I have been using Mikrotik routers for a long time and am currently using two devices - a CCR-1009 connected to my primary ISP and a RB750Gr3 connected to my secondary ISP. This setup (while not perfect in terms of failover) has been fine since my ISP lines were all symmetric 1Gbps FTTH and in a homelab environment, I don’t have that much traffic.
However, time marches on and now my primary ISP has upgraded all connections to symmetric 3Gbps FTTH and my secondary ISP is offering symmetric 5Gbps FTTH for a few dollars more. I expect that in the next year or so, 5Gbps will become the standard and 10Gbps will be relatively inexpensive. This means that my current pair of routers is not going to be able to take advantage of the new speeds.
I am therefore looking for Mikrotik routers that:
Have more than 2 SFP+ ports - I have an existing CRS305 switch connected via SFP+ and would like to move to having both ISP connections to SFP+ ports (for future proofing) on one device for better failover
Preferably passively cooled
The options I’ve considered so far are:
RB5009UG+S+IN - probably comes the closest to meeting my needs.

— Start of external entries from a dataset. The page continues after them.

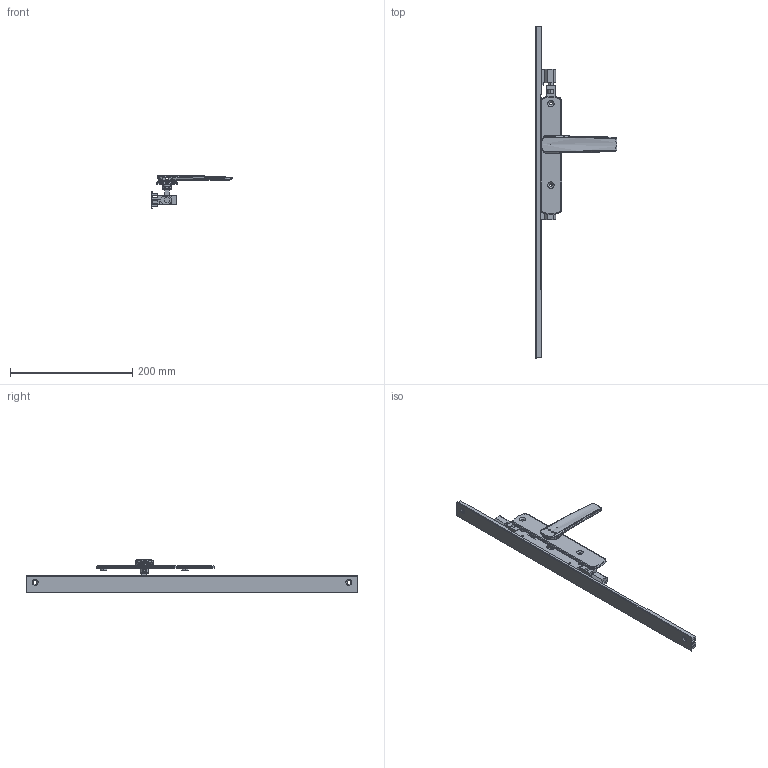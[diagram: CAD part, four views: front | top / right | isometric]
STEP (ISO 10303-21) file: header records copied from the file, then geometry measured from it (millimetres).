
FILE_DESCRIPTION (( 'STEP AP214' ), '1' );
FILE_NAME ('TPL-W-EU-604-U 06Nov2024.STEP', '2024-11-27T01:11:06', ( '' ), ( '' ), 'SwSTEP 2.0', 'SolidWorks 2023', '' );
FILE_SCHEMA (( 'AUTOMOTIVE_DESIGN' ));
Length unit declared in the file: millimetre
Products named in the file (18): Copy of COV-112-C Cover C TPLGen2 Lock body^TPL-W-EU-104 04Nov2024; Copy of Adapter CnE - simplfied^TPL-W-EU-104 04Nov2024_26mm backset; Copy of LKC-516 Escutcheon plate unkeyed 195mm long zinc - simplified^Copy of TPGen2 handle non-keyed short zinc - simplified_TPL-W-EU-104 04Nov2024; Copy of LKC-586 Spindle square 8mm with M4 hole^Copy of TPGen2 handle non-keyed short zinc - simplified_TPL-W-EU-104 04Nov2024_25mm; Copy of LKC-531-A Rod TPLGen2 machined bolt end^TPL-W-EU-104 04Nov2024_LKC-531-A-M003; Copy of LKC-584 Pivot body zinc - simplified^Copy of TPGen2 handle non-keyed short zinc - simplified_TPL-W-EU-104 04Nov2024; Copy of TPGen2 handle non-keyed short zinc - simplified^TPL-W-EU-104 04Nov2024_Right; Copy of TPLGen2 lock body non-keyed^Copy of TPLGen2 lock body non-keyed assembly_TPL-W-EU-104 04Nov2024; Bolt.step; Copy of LKC-505 Swing handle zinc - simplified^Copy of TPGen2 handle non-keyed short zinc - simplified_TPL-W-EU-104 04Nov2024; Bottom twinpoint transmission rod wood system^TPL-W-EU-104 04Nov2024_Standard Range 2891.7mm; TPL-W-EU-604-U 06Nov2024; COV-112-A Cover A suit TPLGen2 standard range^TPL-W-EU-104 04Nov2024_2870mm; Copy of TPLGen2 lock body non-keyed assembly^TPL-W-EU-104 04Nov2024_Bolts retracted; COV-112-B Cover B suit TPLGen2 standard range^TPL-W-EU-104 04Nov2024_2870mm; Copy of TPLGen2 push rod - simplified^Copy of TPLGen2 lock body non-keyed assembly_TPL-W-EU-104 04Nov2024_Female thread M10; Copy of Adapter DnF - simplfied^TPL-W-EU-104 04Nov2024_26mm backset; Copy of LKC-585 Rotator body zinc^Copy of TPGen2 handle non-keyed short zinc - simplified_TPL-W-EU-104 04Nov2024
Assembly tree (15 placements, depth 3):
  Bolt.step
  TPL-W-EU-604-U 06Nov2024
    Copy of TPLGen2 lock body non-keyed assembly^TPL-W-EU-104 04Nov2024_Bolts retracted
      Copy of TPLGen2 lock body non-keyed^Copy of TPLGen2 lock body non-keyed assembly_TPL-W-EU-104 04Nov2024
      Copy of TPLGen2 push rod - simplified^Copy of TPLGen2 lock body non-keyed assembly_TPL-W-EU-104 04Nov2024_Female thread M10  x2
    Copy of TPGen2 handle non-keyed short zinc - simplified^TPL-W-EU-104 04Nov2024_Right
      Copy of LKC-516 Escutcheon plate unkeyed 195mm long zinc - simplified^Copy of TPGen2 handle non-keyed short zinc - simplified_TPL-W-EU-104 04Nov2024
      Copy of LKC-505 Swing handle zinc - simplified^Copy of TPGen2 handle non-keyed short zinc - simplified_TPL-W-EU-104 04Nov2024
      Copy of LKC-585 Rotator body zinc^Copy of TPGen2 handle non-keyed short zinc - simplified_TPL-W-EU-104 04Nov2024
      Copy of LKC-586 Spindle square 8mm with M4 hole^Copy of TPGen2 handle non-keyed short zinc - simplified_TPL-W-EU-104 04Nov2024_25mm
      Copy of LKC-584 Pivot body zinc - simplified^Copy of TPGen2 handle non-keyed short zinc - simplified_TPL-W-EU-104 04Nov2024
    Copy of COV-112-C Cover C TPLGen2 Lock body^TPL-W-EU-104 04Nov2024
    Bottom twinpoint transmission rod wood system^TPL-W-EU-104 04Nov2024_Standard Range 2891.7mm
    Copy of LKC-531-A Rod TPLGen2 machined bolt end^TPL-W-EU-104 04Nov2024_LKC-531-A-M003
    Copy of Adapter DnF - simplfied^TPL-W-EU-104 04Nov2024_26mm backset
    Copy of Adapter CnE - simplfied^TPL-W-EU-104 04Nov2024_26mm backset
  COV-112-A Cover A suit TPLGen2 standard range^TPL-W-EU-104 04Nov2024_2870mm
  COV-112-B Cover B suit TPLGen2 standard range^TPL-W-EU-104 04Nov2024_2870mm
Bounding box: 134.12 x 544 x 53.86 mm (x, y, z)
Volume: 208630.6 mm3; surface area: 119857.1 mm2
Topology: 13 solids, 13 shells, 857 faces, 2119 edges, 1317 vertices
Faces by surface type: plane 310, bspline 241, cylinder 186, cone 66, torus 46, sphere 8
Entity records: 30895 total; most frequent: CARTESIAN_POINT 12601, ORIENTED_EDGE 4046, DIRECTION 3230, EDGE_CURVE 2023, VERTEX_POINT 1257, AXIS2_PLACEMENT_3D 1164, EDGE_LOOP 904, LINE 902

The only problem is that with only 1 SFP+ port, I do not have sufficient ports to take advantage of any future 5GBps/10Gbps FTTH connections
CCR2004-16G-2S+PC - Similar to the RB5009, once I use up the 2 SFP+ ports (1 today for my CRS305 and the other used for my 3Gbps FTTH connection), I’m left with only 1GBps ports to use with any future 5Gbps/10Gbps FTTH connections
CCR2004-1G-12S+2XS - The active cooling is a concern as I’m seeing reports that the fans start hitting 8000+ RPM if there are copper transceivers attached. This is a concern as I need to use copper transceivers to terminate the FTTH connections.
Is there some other router / combination of switch & router that I could be considering? Please do share your advice/recommendations!
Problems with multi-gig links are at least the following:
transmitting more than 1Gbps over UTP is power-ineffective and makes transcievers hot. This is a particularly big problem with SFP+ RJ45 modules because SFP modules don’t offer enough cooling. Which is then a problem when quiet operation is wanted/required. FO connections (or DAC on shorter connections) are thus preferred and hopefully we’ll see shift towards SFP+/FO connectiviry on other vendors’ equipment (in consumer segment) as well.
Newest RJ45 transcievers raise the bar of low-heat operations to 2.5Gbps, but for 10Gbps it’s still a big problem and is likely to remain for some time.
routing at those speeds either require very fast processors or offload to ASICs (L3HW offload) or use of inovative technologies (e.g. VPP/DPDK). In current Mikrotik product portfolio there are a few devices which offer L3HW offload, most are limited functionality-wise. The only devices, which can do multigig routing utilizing L3HW offload and offers capable processor to deal with traffic which can not be offloaded, are CCR2116-12G-4S+ and CCR2216-1G-12XS-2XQ.
MT does offer CHR which can make a pretty fast router if run on a pretty fast hardware … but that’s often not really quiet solution.
using multiple multi-gig links in a primary/secondary manner (or even load sharing / failover manner) is even more resource-demanding than using much faster single link due to complexity of running two links concurrently … and that complexity may mean that L3HW offload is not possible (at least not to the fullest)
While talking about L3HW offloaded devices: there are quite a few CRS3xx devices, which offer decent routing speed. But if firewalling is required as well, then number of feasible devices drops. Further more, to fully utilize HW offloading, only basic firewall functionality may be offered. The level of “allowed” functionality might be on par with some other vendor’s solutions and would be very competitive in those use cases, but according to what we’re used to with RouterOS it’s a sub-par solution. In some particular use case this may be enough though.